While the script does help with quickly getting back to working wireless most of the time, I’ve since switched to connecting my machines via Ethernet to a DD-WRT device running in repeater-bridge mode which has proven for a rock-solid connection to my wireless router, until I figure out the underlying reason for the microcode crashes.

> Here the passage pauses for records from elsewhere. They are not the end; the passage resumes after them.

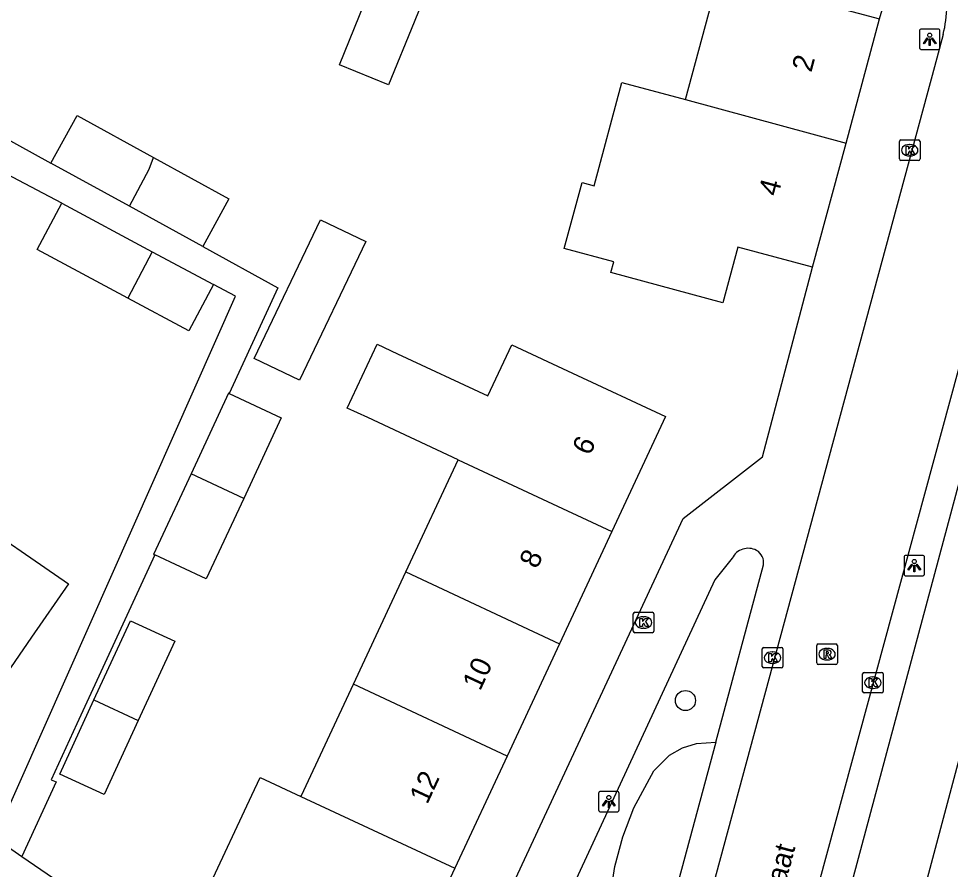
# Model space of a CAD drawing. Extents: x 162812 to 163818, y 381639 to 382470.
# Drawn here: x 163227.56 to 163272.9, y 381949.74 to 381991.16 of the extents above; entities that cross this region are included whole.
import ezdxf

# ---------------------------------------------------------------- set-up
doc = ezdxf.new("R2010")
doc.units = 0
for name, color, linetype in [('IMGEO_Boom', 7, 'Continuous'), ('IMGEO_Groenvoorziening', 7, 'Continuous'), ('IMGEO_Kolk', 7, 'Continuous'), ('IMGEO_Lichtpunt', 7, 'Continuous'), ('IMGEO_Openbare_ruimte_label', 7, 'Continuous'), ('IMGEO_Pand', 7, 'Continuous'), ('IMGEO_Pand_nummerreeks', 7, 'Continuous'), ('IMGEO_Rijbaan_lokaal_open', 7, 'Continuous'), ('IMGEO_Rioolput', 7, 'Continuous'), ('IMGEO_Voetpad_open', 7, 'Continuous')]:
    doc.layers.add(name, color=color, linetype=linetype)

msp = doc.modelspace()

# ---------------------------------------------------------------- linework, layer by layer
at = {"layer": 'IMGEO_Boom'}
msp.add_circle((163260.006, 381957.962), 0.489, dxfattribs=at)
at = {"layer": 'IMGEO_Groenvoorziening'}
msp.add_lwpolyline([(163257.756, 381942.102), (163256.93, 381943.358), (163256.384, 381944.759), (163256.141, 381946.243), (163256.137, 381946.995), (163256.343, 381948.401), (163256.577, 381949.883), (163256.965, 381951.333), (163257.503, 381952.734), (163258.462, 381954.534), (163259.233, 381955.294), (163259.862, 381955.652), (163260.552, 381955.87), (163261.481, 381955.933)], dxfattribs=at)
at = {"layer": 'IMGEO_Kolk'}
for p, q in [((163270.421, 381984.323), (163270.421, 381985.175)), ((163270.496, 381985.249), (163271.348, 381985.249)), ((163271.422, 381985.175), (163271.422, 381984.323)), ((163270.909, 381985.029), (163270.934, 381985.029)), ((163271.348, 381984.249), (163270.496, 381984.249)), ((163270.932, 381984.469), (163270.907, 381984.469)), ((163257.467, 381961.334), (163257.467, 381962.186)), ((163257.542, 381962.26), (163258.394, 381962.26)), ((163257.955, 381962.04), (163257.98, 381962.04)), ((163258.468, 381962.186), (163258.468, 381961.334)), ((163258.394, 381961.26), (163257.542, 381961.26)), ((163257.978, 381961.48), (163257.953, 381961.48)), ((163263.744, 381959.624), (163263.744, 381960.476)), ((163263.819, 381960.55), (163264.671, 381960.55)), ((163264.232, 381960.33), (163264.257, 381960.33)), ((163264.745, 381960.476), (163264.745, 381959.624)), ((163264.255, 381959.77), (163264.23, 381959.77)), ((163264.671, 381959.55), (163263.819, 381959.55)), ((163268.702, 381959.33), (163269.554, 381959.33)), ((163268.627, 381958.404), (163268.627, 381959.256)), ((163269.115, 381959.11), (163269.14, 381959.11)), ((163269.628, 381959.256), (163269.628, 381958.404)), ((163269.138, 381958.55), (163269.113, 381958.55)), ((163269.554, 381958.33), (163268.702, 381958.33))]:
    msp.add_line(p, q, dxfattribs=at)
for points in [[(163270.421, 381984.323), (163270.421, 381985.175)], [(163270.496, 381985.249), (163271.348, 381985.249)], [(163271.422, 381985.175), (163271.422, 381984.323)], [(163270.742, 381984.949), (163270.865, 381984.949), (163270.865, 381984.798), (163270.995, 381984.949), (163271.159, 381984.949), (163271.013, 381984.798), (163271.166, 381984.549), (163271.014, 381984.549), (163270.929, 381984.713), (163270.865, 381984.646), (163270.865, 381984.549), (163270.742, 381984.549), (163270.742, 381984.949)], [(163271.348, 381984.249), (163270.496, 381984.249)], [(163257.467, 381961.334), (163257.467, 381962.186)], [(163257.542, 381962.26), (163258.394, 381962.26)], [(163258.468, 381962.186), (163258.468, 381961.334)], [(163257.788, 381961.96), (163257.911, 381961.96), (163257.911, 381961.809), (163258.041, 381961.96), (163258.205, 381961.96), (163258.059, 381961.809), (163258.212, 381961.56), (163258.06, 381961.56), (163257.975, 381961.724), (163257.911, 381961.657), (163257.911, 381961.56), (163257.788, 381961.56), (163257.788, 381961.96)], [(163258.394, 381961.26), (163257.542, 381961.26)], [(163263.744, 381959.624), (163263.744, 381960.476)], [(163263.819, 381960.55), (163264.671, 381960.55)], [(163264.065, 381960.25), (163264.188, 381960.25), (163264.188, 381960.099), (163264.318, 381960.25), (163264.482, 381960.25), (163264.336, 381960.099), (163264.489, 381959.85), (163264.337, 381959.85), (163264.252, 381960.014), (163264.188, 381959.947), (163264.188, 381959.85), (163264.065, 381959.85), (163264.065, 381960.25)], [(163264.745, 381960.476), (163264.745, 381959.624)], [(163264.671, 381959.55), (163263.819, 381959.55)], [(163268.702, 381959.33), (163269.554, 381959.33)], [(163268.627, 381958.404), (163268.627, 381959.256)], [(163268.948, 381959.03), (163269.071, 381959.03), (163269.071, 381958.879), (163269.201, 381959.03), (163269.365, 381959.03), (163269.219, 381958.879), (163269.372, 381958.63), (163269.22, 381958.63), (163269.135, 381958.794), (163269.071, 381958.727), (163269.071, 381958.63), (163268.948, 381958.63), (163268.948, 381959.03)], [(163269.628, 381959.256), (163269.628, 381958.404)], [(163269.554, 381958.33), (163268.702, 381958.33)]]:
    msp.add_lwpolyline(points, dxfattribs=at)
for centre, start, end in [((163270.498, 381985.173), 91.552, 178.448), ((163270.498, 381985.173), 91.552, 178.448), ((163271.346, 381985.173), 1.552, 88.448), ((163271.346, 381985.173), 1.552, 88.448), ((163270.498, 381984.325), 181.552, 268.448), ((163270.498, 381984.325), 181.552, 268.448), ((163271.346, 381984.325), 271.552, 358.448), ((163271.346, 381984.325), 271.552, 358.448), ((163257.544, 381962.184), 91.552, 178.448), ((163257.544, 381962.184), 91.552, 178.448), ((163258.392, 381962.184), 1.552, 88.448), ((163258.392, 381962.184), 1.552, 88.448), ((163257.544, 381961.336), 181.552, 268.448), ((163257.544, 381961.336), 181.552, 268.448), ((163258.392, 381961.336), 271.552, 358.448), ((163258.392, 381961.336), 271.552, 358.448), ((163263.821, 381960.474), 91.552, 178.448), ((163263.821, 381960.474), 91.552, 178.448), ((163264.669, 381960.474), 1.552, 88.448), ((163264.669, 381960.474), 1.552, 88.448), ((163263.821, 381959.626), 181.552, 268.448), ((163263.821, 381959.626), 181.552, 268.448), ((163264.669, 381959.626), 271.552, 358.448), ((163264.669, 381959.626), 271.552, 358.448), ((163268.704, 381959.254), 91.552, 178.448), ((163268.704, 381959.254), 91.552, 178.448), ((163269.552, 381959.254), 1.552, 88.448), ((163269.552, 381959.254), 1.552, 88.448), ((163268.704, 381958.406), 181.552, 268.448), ((163268.704, 381958.406), 181.552, 268.448), ((163269.552, 381958.406), 271.552, 358.448), ((163269.552, 381958.406), 271.552, 358.448)]:
    msp.add_arc(centre, 0.0765, start, end, dxfattribs=at)
for centre, major_axis, ratio, start_param, end_param in [((163270.908, 381984.749), (-0.387, 0.002), 0.722429, 4.712389, 7.853982), ((163270.933, 381984.749), (-0.39, 0.002), 0.717154, 1.570796, 4.712389), ((163257.954, 381961.76), (-0.387, 0.002), 0.722429, 4.712389, 7.853982), ((163257.979, 381961.76), (-0.39, 0.002), 0.717154, 1.570796, 4.712389), ((163264.231, 381960.05), (-0.387, 0.002), 0.722429, 4.712389, 7.853982), ((163264.256, 381960.05), (-0.39, 0.002), 0.717154, 1.570796, 4.712389), ((163269.114, 381958.83), (-0.387, 0.002), 0.722429, 4.712389, 7.853982), ((163269.139, 381958.83), (-0.39, 0.002), 0.717154, 1.570796, 4.712389)]:
    msp.add_ellipse(centre, major_axis=major_axis, ratio=ratio, start_param=start_param, end_param=end_param, dxfattribs=at)
at = {"layer": 'IMGEO_Lichtpunt'}
for p, q in [((163271.397, 381990.551), (163271.397, 381989.744)), ((163271.397, 381990.551), (163271.397, 381989.744)), ((163272.299, 381990.646), (163271.491, 381990.646)), ((163272.299, 381990.646), (163271.491, 381990.646)), ((163272.393, 381989.744), (163272.393, 381990.551)), ((163272.393, 381989.744), (163272.393, 381990.551)), ((163271.491, 381989.65), (163272.299, 381989.65)), ((163271.491, 381989.65), (163272.299, 381989.65)), ((163270.644, 381964.931), (163270.644, 381964.124)), ((163270.644, 381964.931), (163270.644, 381964.124)), ((163271.546, 381965.026), (163270.738, 381965.026)), ((163271.546, 381965.026), (163270.738, 381965.026)), ((163271.64, 381964.124), (163271.64, 381964.931)), ((163271.64, 381964.124), (163271.64, 381964.931)), ((163270.738, 381964.03), (163271.546, 381964.03)), ((163270.738, 381964.03), (163271.546, 381964.03)), ((163255.78, 381953.443), (163255.78, 381952.636)), ((163255.78, 381953.443), (163255.78, 381952.636)), ((163256.682, 381953.538), (163255.874, 381953.538)), ((163256.682, 381953.538), (163255.874, 381953.538)), ((163256.776, 381952.636), (163256.776, 381953.443)), ((163256.776, 381952.636), (163256.776, 381953.443)), ((163255.874, 381952.542), (163256.682, 381952.542)), ((163255.874, 381952.542), (163256.682, 381952.542))]:
    msp.add_line(p, q, dxfattribs=at)
for points in [[(163271.771, 381990.215), (163271.81, 381990.187), (163271.622, 381989.925), (163271.584, 381989.952), (163271.771, 381990.215)], [(163271.873, 381990.167), (163271.92, 381990.167), (163271.92, 381989.845), (163271.873, 381989.845), (163271.873, 381990.167)], [(163271.983, 381990.187), (163272.021, 381990.214), (163272.208, 381989.952), (163272.169, 381989.924), (163271.983, 381990.187)], [(163271.018, 381964.595), (163271.057, 381964.567), (163270.869, 381964.305), (163270.831, 381964.332), (163271.018, 381964.595)], [(163271.12, 381964.547), (163271.167, 381964.547), (163271.167, 381964.225), (163271.12, 381964.225), (163271.12, 381964.547)], [(163271.23, 381964.567), (163271.268, 381964.594), (163271.455, 381964.332), (163271.416, 381964.304), (163271.23, 381964.567)], [(163256.154, 381953.107), (163256.193, 381953.079), (163256.005, 381952.817), (163255.967, 381952.844), (163256.154, 381953.107)], [(163256.256, 381953.059), (163256.303, 381953.059), (163256.303, 381952.737), (163256.256, 381952.737), (163256.256, 381953.059)], [(163256.366, 381953.079), (163256.404, 381953.106), (163256.591, 381952.844), (163256.552, 381952.816), (163256.366, 381953.079)]]:
    msp.add_lwpolyline(points, dxfattribs=at)
for centre in [(163271.896, 381990.349), (163271.143, 381964.729), (163256.279, 381953.241)]:
    msp.add_circle(centre, 0.0994, dxfattribs=at)
for centre, start, end in [((163271.491, 381990.551), 90, 180), ((163271.491, 381990.551), 90, 180), ((163272.299, 381990.551), 0, 90), ((163272.299, 381990.551), 0, 90), ((163271.491, 381989.744), 180, 270), ((163271.491, 381989.744), 180, 270), ((163272.299, 381989.744), 270, 0), ((163272.299, 381989.744), 270, 360), ((163270.738, 381964.931), 90, 180), ((163270.738, 381964.931), 90, 180), ((163271.546, 381964.931), 0, 90), ((163271.546, 381964.931), 0, 90), ((163270.738, 381964.124), 180, 270), ((163270.738, 381964.124), 180, 270), ((163271.546, 381964.124), 270, 0), ((163271.546, 381964.124), 270, 360), ((163255.874, 381953.443), 90, 180), ((163255.874, 381953.443), 90, 180), ((163256.682, 381953.443), 0, 90), ((163256.682, 381953.443), 0, 90), ((163255.874, 381952.636), 180, 270), ((163255.874, 381952.636), 180, 270), ((163256.682, 381952.636), 270, 0), ((163256.682, 381952.636), 270, 360)]:
    msp.add_arc(centre, 0.0946, start, end, dxfattribs=at)
at = {"layer": 'IMGEO_Pand'}
for points in [[(163248.776, 382002.714), (163247.689, 382000), (163246.315, 381996.568), (163248.676, 381995.611), (163246.799, 381990.977), (163245.563, 381987.926), (163243.166, 381988.91), (163244.64, 381992.524), (163238.245, 381995.096)], [(163260.009, 381987.215), (163261.632, 381993.245), (163269.45, 381991.141)], [(163267.824, 381985.098), (163269.45, 381991.141)], [(163266.197, 381979.053), (163262.56, 381980.032), (163261.832, 381977.326), (163256.377, 381978.794), (163256.519, 381979.319), (163254.111, 381979.967), (163254.974, 381983.173), (163255.565, 381983.014), (163256.919, 381988.046), (163260.009, 381987.215)], [(163260.009, 381987.215), (163267.824, 381985.098)], [(163229.128, 381984.119), (163230.405, 381986.444), (163234.13, 381984.399)], [(163266.197, 381979.053), (163267.824, 381985.098)], [(163232.954, 381982.018), (163233.909, 381983.824), (163234.13, 381984.399)], [(163234.13, 381984.399), (163237.793, 381982.388), (163236.516, 381980.063)], [(163232.954, 381982.018), (163229.128, 381984.119)], [(163232.868, 381977.552), (163228.46, 381979.913), (163229.667, 381982.165)], [(163229.667, 381982.165), (163234.061, 381979.81)], [(163236.516, 381980.063), (163232.954, 381982.018)], [(163242.25, 381981.361), (163244.451, 381980.308), (163241.223, 381973.558), (163239.022, 381974.611), (163242.25, 381981.361)], [(163234.061, 381979.81), (163232.868, 381977.552)], [(163234.061, 381979.81), (163237.044, 381978.211)], [(163237.044, 381978.211), (163235.838, 381975.96), (163232.868, 381977.552)], [(163248.942, 381969.683), (163244.55, 381971.732), (163243.554, 381972.196), (163245.002, 381975.301), (163245.998, 381974.836), (163250.389, 381972.788), (163251.552, 381975.281), (163254.512, 381973.901), (163259.043, 381971.788), (163256.432, 381966.189)], [(163237.803, 381972.905), (163237.779, 381972.916), (163235.951, 381968.996)], [(163237.803, 381972.905), (163240.338, 381971.723), (163238.51, 381967.802)], [(163246.394, 381964.219), (163248.942, 381969.683)], [(163248.942, 381969.683), (163256.432, 381966.189)], [(163235.951, 381968.996), (163234.123, 381965.076), (163234.184, 381965.048)], [(163238.51, 381967.802), (163235.951, 381968.996)], [(163238.51, 381967.802), (163236.683, 381963.882), (163234.184, 381965.048)], [(163224.9, 381967.143), (163229.982, 381963.641), (163228.189, 381961.039), (163225.351, 381956.921), (163220.269, 381960.423)], [(163256.432, 381966.189), (163253.884, 381960.725)], [(163243.847, 381958.756), (163246.394, 381964.219)], [(163246.394, 381964.219), (163253.884, 381960.725)], [(163231.224, 381957.991), (163232.998, 381961.845), (163235.156, 381960.852), (163233.377, 381956.986)], [(163253.884, 381960.725), (163251.336, 381955.261)], [(163241.299, 381953.291), (163241.322, 381953.341), (163243.847, 381958.756)], [(163251.336, 381955.261), (163243.847, 381958.756)], [(163233.377, 381956.986), (163231.722, 381953.392), (163229.564, 381954.385), (163231.224, 381957.991)], [(163231.224, 381957.991), (163233.377, 381956.986)], [(163251.336, 381955.261), (163248.788, 381949.797)], [(163273.324, 381955.134), (163271.767, 381949.301)], [(163248.788, 381949.797), (163246.177, 381944.198), (163238.71, 381947.68), (163238.802, 381947.877), (163236.789, 381948.816), (163238.903, 381953.348), (163239.309, 381954.219), (163241.299, 381953.291)], [(163241.299, 381953.291), (163248.788, 381949.797)]]:
    msp.add_lwpolyline(points, dxfattribs=at)
at = {"layer": 'IMGEO_Rijbaan_lokaal_open'}
for points in [[(163272.546, 381990.383), (163272.122, 381988.802), (163258.933, 381940.051), (163257.08, 381933.616)], [(163277.198, 381988.434), (163276.858, 381987.227), (163265.306, 381944.659)]]:
    msp.add_lwpolyline(points, dxfattribs=at)
msp.add_arc((163267.022, 381991.818), 5.707, 345.4395, 13.3968, dxfattribs=at)
at = {"layer": 'IMGEO_Rioolput'}
for p, q in [((163266.399, 381959.791), (163266.399, 381960.643)), ((163266.474, 381960.717), (163267.326, 381960.717)), ((163267.4, 381960.643), (163267.4, 381959.791)), ((163266.887, 381960.497), (163266.912, 381960.497)), ((163267.326, 381959.717), (163266.474, 381959.717)), ((163266.91, 381959.937), (163266.885, 381959.937))]:
    msp.add_line(p, q, dxfattribs=at)
for points in [[(163266.399, 381959.791), (163266.399, 381960.643)], [(163266.474, 381960.717), (163267.326, 381960.717)], [(163267.4, 381960.643), (163267.4, 381959.791)], [(163266.988, 381960.415), (163266.736, 381960.417), (163266.736, 381960.017)], [(163266.736, 381960.017), (163266.86, 381960.017), (163266.86, 381960.179), (163266.871, 381960.179)], [(163266.914, 381960.336), (163266.86, 381960.336), (163266.86, 381960.255)], [(163266.86, 381960.255), (163266.912, 381960.255)], [(163267.326, 381959.717), (163266.474, 381959.717)], [(163266.918, 381960.15), (163266.989, 381960.017), (163267.129, 381960.017), (163267.064, 381960.143)]]:
    msp.add_lwpolyline(points, dxfattribs=at)
for centre, radius, start, end in [((163266.476, 381960.641), 0.0765, 91.552, 178.448), ((163266.476, 381960.641), 0.0765, 91.552, 178.448), ((163267.324, 381960.641), 0.0765, 1.552, 88.448), ((163267.324, 381960.641), 0.0765, 1.552, 88.448), ((163266.87, 381960.126), 0.0533, 26.0293, 88.6989), ((163266.896, 381960.444), 0.19, 274.7715, 282.9687), ((163266.92, 381960.24), 0.0964, 77.0061, 93.1865), ((163266.934, 381960.297), 0.0378, 276.6634, 79.6772), ((163266.987, 381960.305), 0.109, 350.3612, 89.416), ((163266.985, 381960.305), 0.112, 277.5842, 350.9817), ((163266.969, 381960.09), 0.108, 29.5134, 73.7905), ((163266.476, 381959.793), 0.0765, 181.552, 268.448), ((163266.476, 381959.793), 0.0765, 181.552, 268.448), ((163267.324, 381959.793), 0.0765, 271.552, 358.448), ((163267.324, 381959.793), 0.0765, 271.552, 358.448)]:
    msp.add_arc(centre, radius, start, end, dxfattribs=at)
for centre, major_axis, ratio, start_param, end_param in [((163266.886, 381960.217), (-0.387, 0.002), 0.722429, 4.712389, 7.853982), ((163266.911, 381960.217), (-0.39, 0.002), 0.717154, 1.570796, 4.712389)]:
    msp.add_ellipse(centre, major_axis=major_axis, ratio=ratio, start_param=start_param, end_param=end_param, dxfattribs=at)
at = {"layer": 'IMGEO_Voetpad_open'}
for points in [[(163229.667, 381982.165), (163211.704, 381991.627), (163207.628, 381993.909), (163204.743, 381995.523), (163204.538, 381995.156), (163200.782, 381997.153)], [(163269.45, 381991.141), (163270.341, 381994.144)], [(163281.713, 381989.031), (163278.488, 381987.855), (163266.797, 381944.216)], [(163225.001, 381986.386), (163229.128, 381984.119)], [(163236.516, 381980.063), (163240.174, 381978.054), (163237.803, 381972.905)], [(163247.826, 381940.876), (163259.902, 381966.82), (163263.756, 381969.822), (163266.197, 381979.053)], [(163226.407, 381951.281), (163231.088, 381961.805), (163238.107, 381977.641), (163237.044, 381978.211)], [(163234.184, 381965.048), (163230.396, 381956.823), (163229.146, 381954.106), (163229.385, 381953.996), (163227.718, 381950.375)], [(163262.283, 381964.887), (163261.435, 381963.837), (163251.303, 381941.95), (163250.033, 381939.236)], [(163261.481, 381955.933), (163263.806, 381964.564)], [(163261.481, 381955.933), (163257.756, 381942.102)], [(163226.407, 381951.281), (163227.718, 381950.375)], [(163227.718, 381950.375), (163229.876, 381948.886)]]:
    msp.add_lwpolyline(points, dxfattribs=at)
for centre, radius, start, end in [((163263.062, 381964.503), 0.868, 62.0976, 153.7248), ((163263.126, 381964.673), 0.688, 350.9285, 60.2374)]:
    msp.add_arc(centre, radius, start, end, dxfattribs=at)

# ---------------------------------------------------------------- texts
at = {"layer": 'IMGEO_Openbare_ruimte_label'}
msp.add_text('St Ewaldstraat', height=1, rotation=75.1018, dxfattribs=at).set_placement((163263.145, 381942.488))
at = {"layer": 'IMGEO_Pand_nummerreeks'}
for s, rotation, p in [('2', 74.938, (163266.131, 381988.506)), ('4', 74.938, (163264.506, 381982.464)), ('6', 64.9963, (163255.356, 381969.845)), ('8', 64.999, (163252.785, 381964.33)), ('10', 64.999, (163250.016, 381958.394)), ('12', 64.9963, (163247.441, 381952.871))]:
    msp.add_text(s, height=1, rotation=rotation, dxfattribs=at).set_placement(p)

doc.saveas('drawing.dxf')

Daniel Robbins of the Gentoo/Funtoo projects suggests disabling antenna aggregation (11n_disable=4), which, although indeed allows for greater reliability, accordingly results in much slower transfer speeds. While reliability is important, especially during COVID-19, we can’t simply sweep performance under the rug, so the search for the proper solution continues.